In Euclidian terms, a border is a line dividing elements that meets specific requirements to the ones that do not. However, under the biological perspective the border is inferred as the space on interchanges are intensified and where influences among realities emerge. Thus, while can be interpreted as a limit that isolates and segregates, we rather consider any border as a catalyst that multiplies interrelations over a permeable and porous field[i]. In the architecture discipline it is possible to identify areas that have been understood as evident borders: scales, age ranges, professors and students’ relationship, being -no matter their interdependence- particularly relevant the separation set between the architecture project design and urbanism.

 

Through 3 years of teaching-based research in the course of Architecture Design and Urbanism (Projectes i Urbanisme) at the Reus Architecture School (ETSAR) it has been the endeavour to overcome the borders, both disciplinary and methodologically, working under marginal conditions, from the questions stated to the course program and the established working environments. As a teaching tool and fresh statement, the decision was to work under the conception of a hybrid environment in constant change, able to provide to students a holistic outlook to our conception of a multi-faceted urban reality.

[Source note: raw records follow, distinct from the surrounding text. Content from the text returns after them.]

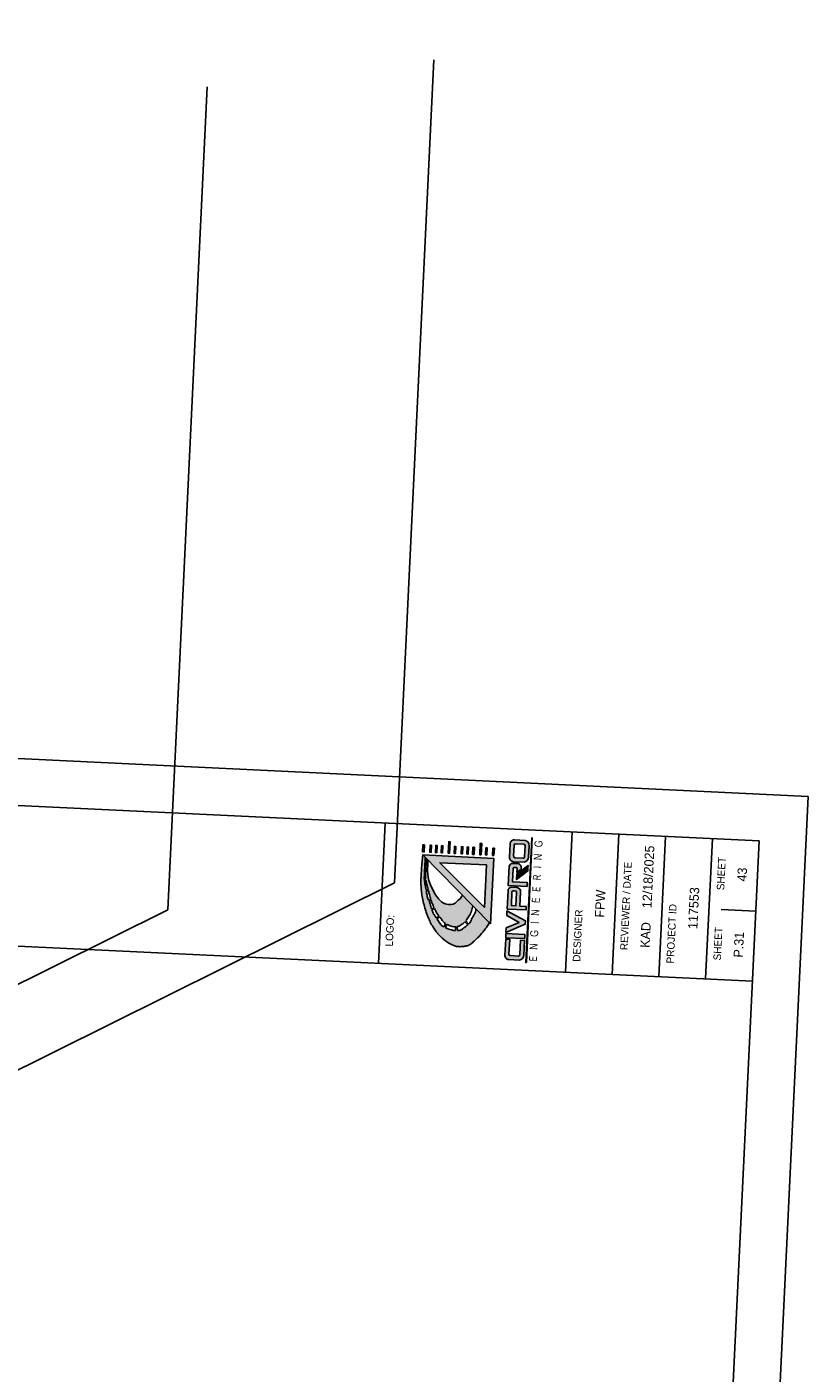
# Model space of a CAD drawing. Header units: feet. Extents: x 2247724 to 2247851, y 439237 to 439458.
# Tile 4 of 4: x 2247800 to 2247842, y 439386 to 439458. Entities that reach past the tile are written whole.
import ezdxf
from ezdxf import colors
from ezdxf.entities.mleader import LeaderData, LeaderLine
from ezdxf.enums import TextEntityAlignment as Align
from ezdxf.math import Vec2, Vec3

# ---------------------------------------------------------------- set-up
doc = ezdxf.new("R2010")
doc.units = ezdxf.units.FT
doc.header["$MEASUREMENT"] = 0
for name, color, linetype in [('SH_Border', 7, 'Continuous'), ('SH_Data', 7, 'Continuous'), ('SHT_LOGO_BLACK', 7, 'Continuous'), ('SHT_LOGO_BLUE', 160, 'Continuous'), ('SHT_LOGO_GREY', 9, 'Continuous'), ('TX_P_20', 7, 'Continuous')]:
    doc.layers.add(name, color=color, linetype=linetype)
doc.styles.add('OHDOTSymbols', font='arial.ttf')
doc.styles.get("Standard").update_dxf_attribs({"font": 'arial.ttf'})
doc.styles.add('Straight-Normal', font='font30.shx', dxfattribs={"height": 0.14})
doc.styles.add('Straight-Sub Title', font='font30.shx', dxfattribs={"height": 0.17})

msp = doc.modelspace()

# ---------------------------------------------------------------- hatches: boundary and pattern name
at = {"layer": 'SHT_LOGO_BLACK', "linetype": 'Continuous'}
h = msp.add_hatch(color=256, dxfattribs=at)
h.dxf.hatch_style = 1
h.paths.add_polyline_path([(2247825.085, 439414.102), (2247825.104, 439414.484), (2247825.03, 439414.487), (2247825.012, 439414.105)])
h.paths.add_polyline_path([(2247824.633, 439414.124), (2247824.707, 439414.12), (2247824.725, 439414.502), (2247824.651, 439414.505)])
h.paths.add_polyline_path([(2247824.428, 439414.746), (2247824.354, 439414.749), (2247824.325, 439414.138), (2247824.398, 439414.129)])
h.paths.add_polyline_path([(2247823.946, 439414.156), (2247824.02, 439414.153), (2247824.038, 439414.535), (2247823.964, 439414.538)])
h.paths.add_polyline_path([(2247823.713, 439414.167), (2247823.732, 439414.549), (2247823.658, 439414.553), (2247823.64, 439414.171)])
h.paths.add_polyline_path([(2247823.332, 439414.186), (2247823.405, 439414.182), (2247823.423, 439414.564), (2247823.35, 439414.567)])
h.paths.add_polyline_path([(2247822.953, 439414.204), (2247823.026, 439414.2), (2247823.045, 439414.582), (2247822.971, 439414.585)])
h.paths.add_polyline_path([(2247822.746, 439414.826), (2247822.673, 439414.829), (2247822.644, 439414.218), (2247822.717, 439414.209)])
h.paths.add_polyline_path([(2247822.356, 439414.615), (2247822.283, 439414.618), (2247822.265, 439414.237), (2247822.338, 439414.233)])
h.paths.add_polyline_path([(2247821.959, 439414.251), (2247822.033, 439414.248), (2247822.051, 439414.629), (2247821.978, 439414.633)])
h.paths.add_polyline_path([(2247821.745, 439414.644), (2247821.671, 439414.648), (2247821.653, 439414.266), (2247821.726, 439414.262)])
h.paths.add_polyline_path([(2247821.366, 439414.662), (2247821.293, 439414.666), (2247821.274, 439414.284), (2247821.348, 439414.28)])
h = msp.add_hatch(color=256, dxfattribs=at)
h.dxf.hatch_style = 1
h.paths.add_polyline_path([(2247823.761, 439410.461, -0.010054), (2247823.737, 439410.437), (2247823.578, 439410.604, 0.003974), (2247823.598, 439410.625, 0.040776), (2247823.621, 439410.655, 0.006066), (2247823.761, 439410.87, 0.061249), (2247823.878, 439411.117, 0.038297), (2247823.95, 439411.411), (2247823.396, 439411.975), (2247823.271, 439411.789), (2247823.164, 439411.711), (2247823.006, 439411.558), (2247822.9, 439411.506), (2247822.79, 439411.475), (2247822.655, 439411.486), (2247822.476, 439411.521), (2247822.294, 439411.613), (2247822.115, 439411.777), (2247821.96, 439411.997), (2247821.836, 439412.236), (2247821.7, 439412.527), (2247821.612, 439412.759), (2247821.564, 439412.948), (2247821.527, 439413.256), (2247821.548, 439413.685), (2247821.558, 439413.845), (2247821.476, 439413.928, -0.000418), (2247821.464, 439413.704, -0.000949), (2247821.458, 439413.583, -0.000351), (2247821.438, 439413.237, 0.00107), (2247821.432, 439413.123, 0.017555), (2247821.429, 439412.983, 0.017743), (2247821.436, 439412.844, 0.003592), (2247821.438, 439412.826), (2247821.359, 439412.813, -0.03869), (2247821.358, 439412.853, -0.000239), (2247821.36, 439412.881, 0.000026), (2247821.372, 439413.138, 0.000048), (2247821.39, 439413.521, 0.000037), (2247821.412, 439413.993), (2247821.282, 439414.126, 0.003624), (2247821.244, 439413.759, 0.007413), (2247821.23, 439413.58, 0.000904), (2247821.192, 439412.989, 0.00451), (2247821.186, 439412.87, 0.019073), (2247821.184, 439412.546, 0.017331), (2247821.208, 439412.191, 0.019514), (2247821.249, 439411.905, 0.015338), (2247821.326, 439411.545, 0.012204), (2247821.42, 439411.199, 0.017423), (2247821.5, 439410.96, 0.014015), (2247821.57, 439410.79, 0.009535), (2247821.683, 439410.546, 0.020378), (2247821.835, 439410.264, 0.02598), (2247821.975, 439410.055, 0.027565), (2247822.094, 439409.912, 0.018891), (2247822.286, 439409.72, 0.020789), (2247822.472, 439409.562, 0.020828), (2247822.67, 439409.421, 0.034599), (2247822.815, 439409.339, 0.032145), (2247822.982, 439409.273, 0.062269), (2247823.2, 439409.232, 0.050433), (2247823.472, 439409.242, 0.025118), (2247823.662, 439409.278, 0.057831), (2247823.74, 439409.307, 0.025804), (2247823.85, 439409.37, 0.04348), (2247823.909, 439409.416, 0.002738), (2247823.999, 439409.5, 0.002118), (2247824.114, 439409.609, 0.001598), (2247824.298, 439409.788, 0.006576), (2247824.343, 439409.832, 0.02396), (2247824.355, 439409.847, 0.001113), (2247824.608, 439410.163, 0.009085), (2247824.7, 439410.283, 0.004888), (2247824.852, 439410.494), (2247824.123, 439411.235, -0.03184), (2247824.096, 439411.089, -0.071165), (2247824.035, 439410.942, -0.016789), (2247823.96, 439410.824, 0.028454), (2247823.918, 439410.754, 0.050722), (2247823.869, 439410.633, -0.071433), (2247823.83, 439410.549, -0.049376)])
h.paths.add_polyline_path([(2247823.688, 439410.394, -0.010823), (2247823.66, 439410.371, -0.001747), (2247823.575, 439410.309, 0.001596), (2247823.483, 439410.24, 0.003876), (2247823.394, 439410.173, -0.006206), (2247823.339, 439410.131, -0.097322), (2247823.296, 439410.111, -0.038974), (2247823.182, 439410.092, -0.011737), (2247823.131, 439410.089), (2247823.121, 439410.303, 0.028633), (2247823.212, 439410.329, 0.056422), (2247823.287, 439410.364, 0.018655), (2247823.374, 439410.423, 0.019312), (2247823.453, 439410.486, 0.013666), (2247823.527, 439410.554, 0.001157), (2247823.533, 439410.56)], flags=16)
h.paths.add_polyline_path([(2247823.04, 439410.29), (2247823.038, 439410.089, -0.015908), (2247822.981, 439410.094, -0.022838), (2247822.874, 439410.112, -0.018474), (2247822.744, 439410.144, -0.026037), (2247822.612, 439410.19, -0.016666), (2247822.498, 439410.241), (2247822.565, 439410.432, 0.001651), (2247822.585, 439410.421, 0.015544), (2247822.695, 439410.365, 0.016487), (2247822.802, 439410.318, 0.075188), (2247822.934, 439410.288, 0.042887)], flags=16)
h.paths.add_polyline_path([(2247822.5, 439410.469), (2247822.421, 439410.281, -0.024038), (2247822.324, 439410.341, -0.06415), (2247822.261, 439410.399, -0.021969), (2247822.197, 439410.481, -0.008749), (2247822.05, 439410.696, -0.000355), (2247822.038, 439410.714), (2247822.18, 439410.817, 0.002531), (2247822.262, 439410.712, 0.006928), (2247822.388, 439410.556, 0.028635), (2247822.422, 439410.52, 0.053806), (2247822.448, 439410.5, 0.004266)], flags=16)
h.paths.add_polyline_path([(2247822.151, 439410.855), (2247822.013, 439410.753, -0.00319), (2247821.907, 439410.919, -0.013578), (2247821.863, 439410.991, -0.029845), (2247821.793, 439411.137, -0.004092), (2247821.772, 439411.189), (2247821.909, 439411.26, 0.013659), (2247822.003, 439411.075, 0.029225), (2247822.075, 439410.958, 0.009297), (2247822.131, 439410.882, 0.000639)], flags=16)
h.paths.add_polyline_path([(2247821.889, 439411.303), (2247821.755, 439411.233, -0.011307), (2247821.704, 439411.378, -0.010591), (2247821.669, 439411.493, 0.011749), (2247821.637, 439411.598, 0.016183), (2247821.612, 439411.667), (2247821.726, 439411.706, 0.017905), (2247821.788, 439411.538, 0.011223)], flags=16)
h.paths.add_polyline_path([(2247821.713, 439411.749), (2247821.593, 439411.711, 0.010824), (2247821.571, 439411.755, -0.05835), (2247821.533, 439411.858, -0.01154), (2247821.509, 439411.971, -0.00345), (2247821.466, 439412.199), (2247821.584, 439412.231, 0.012845), (2247821.636, 439412.013, 0.008036), (2247821.674, 439411.873, 0.004709)], flags=16)
h.paths.add_polyline_path([(2247821.573, 439412.28), (2247821.457, 439412.252, -0.000481), (2247821.431, 439412.402, 0.000864), (2247821.419, 439412.471, 0.00468), (2247821.399, 439412.579, -0.004072), (2247821.375, 439412.704, -0.008774), (2247821.366, 439412.763), (2247821.444, 439412.777, 0.005656), (2247821.448, 439412.75, 0.0202), (2247821.467, 439412.662, 0.019573), (2247821.501, 439412.547, -0.017067), (2247821.54, 439412.415, -0.007865)], flags=16)
at = {"layer": 'SHT_LOGO_BLUE'}
h = msp.add_hatch(color=256, dxfattribs=at)
h.dxf.hatch_style = 1
h.paths.add_polyline_path([(2247825.966, 439408.749, -0.44246), (2247825.887, 439408.828), (2247825.925, 439409.616), (2247825.711, 439409.626), (2247825.67, 439408.783, 0.436831), (2247825.873, 439408.542), (2247826.444, 439408.515, 0.355742), (2247826.682, 439408.78), (2247826.719, 439409.568), (2247826.509, 439409.578), (2247826.472, 439408.81, -0.466077), (2247826.397, 439408.728)])
h.paths.add_polyline_path([(2247825.721, 439409.926), (2247825.711, 439409.708), (2247826.727, 439409.66), (2247826.731, 439409.878)])
h.paths.add_polyline_path([(2247826.759, 439410.427), (2247826.767, 439410.611), (2247825.78, 439411.134), (2247825.768, 439410.899), (2247826.424, 439410.524), (2247825.739, 439410.233), (2247825.727, 439409.991)])
h.paths.add_polyline_path([(2247826.47, 439411.387), (2247826.507, 439412.162, 0.384335), (2247826.328, 439412.382), (2247826.018, 439412.4, 0.413942), (2247825.834, 439412.233), (2247825.787, 439411.24), (2247826.799, 439411.191), (2247826.808, 439411.371)])
h.paths.add_polyline_path([(2247826.257, 439411.407), (2247826.012, 439411.419), (2247826.047, 439412.14, -0.363757), (2247826.106, 439412.204, -0.087868), (2247826.227, 439412.198, -0.553906), (2247826.291, 439412.122)], flags=16)
h.paths.add_polyline_path([(2247826.318, 439413.413), (2247826.307, 439413.191), (2247826.542, 439413.367), (2247826.546, 439413.441, 0.37317), (2247826.371, 439413.663), (2247826.095, 439413.677, 0.37162), (2247825.898, 439413.522), (2247825.849, 439412.495), (2247826.854, 439412.447), (2247826.865, 439412.658), (2247826.074, 439412.696), (2247826.108, 439413.399, -0.38138), (2247826.165, 439413.457), (2247826.265, 439413.453, -0.307867)])
h.paths.add_polyline_path([(2247825.92, 439414.009, 0.436831), (2247826.123, 439413.767), (2247826.694, 439413.74, 0.355742), (2247826.931, 439414.005), (2247826.96, 439414.62, 0.355742), (2247826.749, 439414.906), (2247826.178, 439414.933, 0.436831), (2247825.953, 439414.712)])
h.paths.add_polyline_path([(2247826.165, 439414.647, -0.386521), (2247826.236, 439414.719), (2247826.661, 439414.699, -0.436448), (2247826.749, 439414.617), (2247826.721, 439414.035, -0.466076), (2247826.646, 439413.954), (2247826.215, 439413.974, -0.44246), (2247826.136, 439414.053)], flags=16)
h = msp.add_hatch(color=256, dxfattribs=at)
h.dxf.hatch_style = 1
h.paths.add_polyline_path([(2247826.304, 439413.124), (2247826.297, 439412.977), (2247826.902, 439413.44), (2247826.907, 439413.563)])
at = {"layer": 'SHT_LOGO_GREY'}
h = msp.add_hatch(color=256, dxfattribs=at)
h.dxf.hatch_style = 1
h.paths.add_polyline_path([(2247821.282, 439414.126), (2247824.903, 439410.442), (2247825.07, 439413.945)])
h.paths.add_polyline_path([(2247824.681, 439413.591), (2247824.573, 439411.325), (2247822.196, 439413.71)], flags=16)
h = msp.add_hatch(color=256, dxfattribs=at)
h.dxf.hatch_style = 1
h.paths.add_polyline_path([(2247826.296, 439412.958), (2247826.289, 439412.81), (2247826.894, 439413.274), (2247826.899, 439413.396)])

# ---------------------------------------------------------------- linework, layer by layer
at = {"layer": 'SH_Border'}
for p, q in [((2247731.987, 439422.498), (2247841.862, 439417.255)), ((2247734.365, 439419.882), (2247839.246, 439414.877)), ((2247841.862, 439417.255), (2247833.759, 439247.448)), ((2247819.269, 439415.83), (2247818.911, 439408.338)), ((2247829.257, 439415.353), (2247828.9, 439407.862)), ((2247831.754, 439415.234), (2247831.397, 439407.743)), ((2247839.246, 439414.877), (2247831.381, 439250.064)), ((2247834.252, 439415.115), (2247833.894, 439407.623)), ((2247836.749, 439414.996), (2247836.391, 439407.504)), ((2247734.008, 439412.39), (2247838.888, 439407.385)), ((2247837.217, 439411.219), (2247839.067, 439411.131))]:
    msp.add_line(p, q, dxfattribs=at)
at = {"layer": 'SHT_LOGO_BLACK'}
for p, q in [((2247821.755, 439411.233, -4063.576), (2247821.889, 439411.303, -4063.576)), ((2247821.772, 439411.189, -4063.576), (2247821.909, 439411.26, -4063.576)), ((2247822.013, 439410.753, -4063.576), (2247822.151, 439410.855, -4063.576)), ((2247822.038, 439410.714, -4063.576), (2247822.18, 439410.817, -4063.576))]:
    msp.add_line(p, q, dxfattribs=at)
at = {"layer": 'SHT_LOGO_BLACK', "linetype": 'Continuous', "elevation": -4063.576}
for points in [[(2247821.348, 439414.28), (2247821.366, 439414.662), (2247821.293, 439414.666), (2247821.274, 439414.284)], [(2247821.726, 439414.262), (2247821.745, 439414.644), (2247821.671, 439414.648), (2247821.653, 439414.266)], [(2247822.033, 439414.248), (2247822.051, 439414.629), (2247821.978, 439414.633), (2247821.959, 439414.251)], [(2247822.338, 439414.233), (2247822.356, 439414.615), (2247822.283, 439414.618), (2247822.265, 439414.237)], [(2247822.717, 439414.209), (2247822.746, 439414.826), (2247822.673, 439414.829), (2247822.644, 439414.218)], [(2247823.026, 439414.2), (2247823.045, 439414.582), (2247822.971, 439414.585), (2247822.953, 439414.204)], [(2247823.405, 439414.182), (2247823.423, 439414.564), (2247823.35, 439414.567), (2247823.332, 439414.186)], [(2247823.713, 439414.167), (2247823.732, 439414.549), (2247823.658, 439414.553), (2247823.64, 439414.171)], [(2247824.02, 439414.153), (2247824.038, 439414.535), (2247823.964, 439414.538), (2247823.946, 439414.156)], [(2247824.398, 439414.129), (2247824.428, 439414.746), (2247824.354, 439414.749), (2247824.325, 439414.138)], [(2247824.707, 439414.12), (2247824.725, 439414.502), (2247824.651, 439414.505), (2247824.633, 439414.124)], [(2247825.085, 439414.102), (2247825.104, 439414.484), (2247825.03, 439414.487), (2247825.012, 439414.105)]]:
    msp.add_lwpolyline(points, close=True, dxfattribs=at)
at = {"layer": 'SHT_LOGO_BLACK'}
msp.add_lwpolyline([(2247826.814, 439408.376), (2247827.132, 439415.038), (2247827.103, 439415.039), (2247826.785, 439408.38)], close=True, dxfattribs=at)
for points in [[(2247824.852, 439410.494, -0.004888), (2247824.7, 439410.283, -0.009085), (2247824.608, 439410.163, -0.001113), (2247824.355, 439409.847, -0.02396), (2247824.343, 439409.832, -0.006576), (2247824.298, 439409.788, -0.001598), (2247824.114, 439409.609, -0.002118), (2247823.999, 439409.5, -0.002738), (2247823.909, 439409.416, -0.04348), (2247823.85, 439409.37, -0.025804), (2247823.74, 439409.307, -0.057831), (2247823.662, 439409.278, -0.025118), (2247823.472, 439409.242, -0.050433), (2247823.2, 439409.232, -0.062269), (2247822.982, 439409.273, -0.032145), (2247822.815, 439409.339, -0.034599), (2247822.67, 439409.421, -0.020828), (2247822.472, 439409.562, -0.020789), (2247822.286, 439409.72, -0.018891), (2247822.094, 439409.912, -0.027565), (2247821.975, 439410.055, -0.02598), (2247821.835, 439410.264, -0.020378), (2247821.683, 439410.546, -0.009535), (2247821.57, 439410.79, -0.014015), (2247821.5, 439410.96, -0.017423), (2247821.42, 439411.199, -0.012204), (2247821.326, 439411.545, -0.015338), (2247821.249, 439411.905, -0.019514), (2247821.208, 439412.191, -0.017331), (2247821.184, 439412.546, -0.019073), (2247821.186, 439412.87, -0.00451), (2247821.192, 439412.989, -0.000904), (2247821.23, 439413.58, -0.007413), (2247821.244, 439413.759, -0.003624), (2247821.282, 439414.126)], [(2247821.359, 439412.813, -0.03869), (2247821.358, 439412.853, -0.000239), (2247821.36, 439412.881, 0.000026), (2247821.372, 439413.138, 0.000048), (2247821.39, 439413.521, 0.000037), (2247821.412, 439413.993)], [(2247821.438, 439412.826, -0.003592), (2247821.436, 439412.844, -0.017743), (2247821.429, 439412.983, -0.017555), (2247821.432, 439413.123, -0.00107), (2247821.438, 439413.237, 0.000351), (2247821.458, 439413.583, 0.000949), (2247821.464, 439413.704, 0.000418), (2247821.476, 439413.928)], [(2247821.457, 439412.252, -0.0002), (2247821.455, 439412.265, -0.000438), (2247821.431, 439412.402, 0.000864), (2247821.419, 439412.471, 0.00468), (2247821.399, 439412.579, -0.004072), (2247821.375, 439412.704, -0.008774), (2247821.366, 439412.763, -0.040254)], [(2247821.573, 439412.28, 0.007865), (2247821.54, 439412.415, 0.017067), (2247821.501, 439412.547, -0.019573), (2247821.467, 439412.662, -0.0202), (2247821.448, 439412.75, -0.005656), (2247821.444, 439412.777, -0.017743)], [(2247821.593, 439411.711, 0.010824), (2247821.571, 439411.755, -0.05835), (2247821.533, 439411.858, -0.01154), (2247821.509, 439411.971, -0.00345), (2247821.466, 439412.199, -0.000438)], [(2247821.713, 439411.749, -0.004709), (2247821.674, 439411.873, -0.008036), (2247821.636, 439412.013, -0.011799), (2247821.588, 439412.213, 0.001031), (2247821.584, 439412.231, 0.017067)], [(2247821.755, 439411.233, -0.011307), (2247821.704, 439411.378, -0.010591), (2247821.669, 439411.493, 0.011749), (2247821.637, 439411.598, 0.016183), (2247821.612, 439411.667, -0.05835)], [(2247821.889, 439411.303, -0.011223), (2247821.788, 439411.538, -0.017453), (2247821.728, 439411.702, -0.000163), (2247821.726, 439411.706, -0.008036)], [(2247822.013, 439410.753, -0.00319), (2247821.907, 439410.919, -0.013578), (2247821.863, 439410.991, -0.029845), (2247821.793, 439411.137, -0.004092), (2247821.772, 439411.189, -0.010591)], [(2247822.151, 439410.855, -0.000639), (2247822.131, 439410.882, -0.009297), (2247822.075, 439410.958, -0.029225), (2247822.003, 439411.075, -0.013659), (2247821.909, 439411.26, -0.011561)], [(2247823.95, 439411.411, -0.038297), (2247823.878, 439411.117, -0.061249), (2247823.761, 439410.87, -0.006066), (2247823.621, 439410.655, -0.040776), (2247823.598, 439410.625, -0.003974), (2247823.578, 439410.604, -0.013666)], [(2247824.123, 439411.235, -0.03184), (2247824.096, 439411.089, -0.071165), (2247824.035, 439410.942, -0.016789), (2247823.96, 439410.824, 0.028454), (2247823.918, 439410.754, 0.050722), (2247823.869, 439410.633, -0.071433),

Workshops were made to empower students’ leadership, autonomy and development driven by cross-sectional teaching and collaborative exercises. A methodology that required of the contribution of professionals of social and urban sciences, academics and local technicians who actively participated at different work stages of the course providing sharp insights onto the discussed and revealed topics going from economy to geography and anthropology.

 

That being said, the main goal of the course was to recognize the territory and the city like a single complex ecosystem of interdependencies between collective wills, private interests, economic developments, political interests, social problems, technological improvements, climate risks and ecological potentials, that demands for a cross-scale focus and a cross-sectional study. A city was conceived as a collective construction that relies in society as one of the mechanisms to transform our living places and the landscapes we dwell in.

 

This paper aims to sum up the experience gained through three years of academic work on the limits of the urban disciplines. By explaining the developed learning by doing process, we would like to highlight some of the results achieved, and the techniques implemented. Moreover, reorganization of the hypothesis, exercises, and works has been synthesized in form of handbook. A document that will be finally shaped as a digital open-source tool able to improve cross interaction between students, professors and researchers from disciplines related to the urban environment. In other words, we propose a proactive tool to strengthen an integral approach to cities and territories through collaborative development among schools and disciplines hoping to happen an open and useful academic source.

 

Many languages have specific terms to describe this hybrid field. While English makes use of a more general term of interface, Italian adopts the term bagnasciuga to describe the hybrid and ambiguous field where the sea water finds the dry land. It is a place that belongs, at the same time, to the both realities that come along with.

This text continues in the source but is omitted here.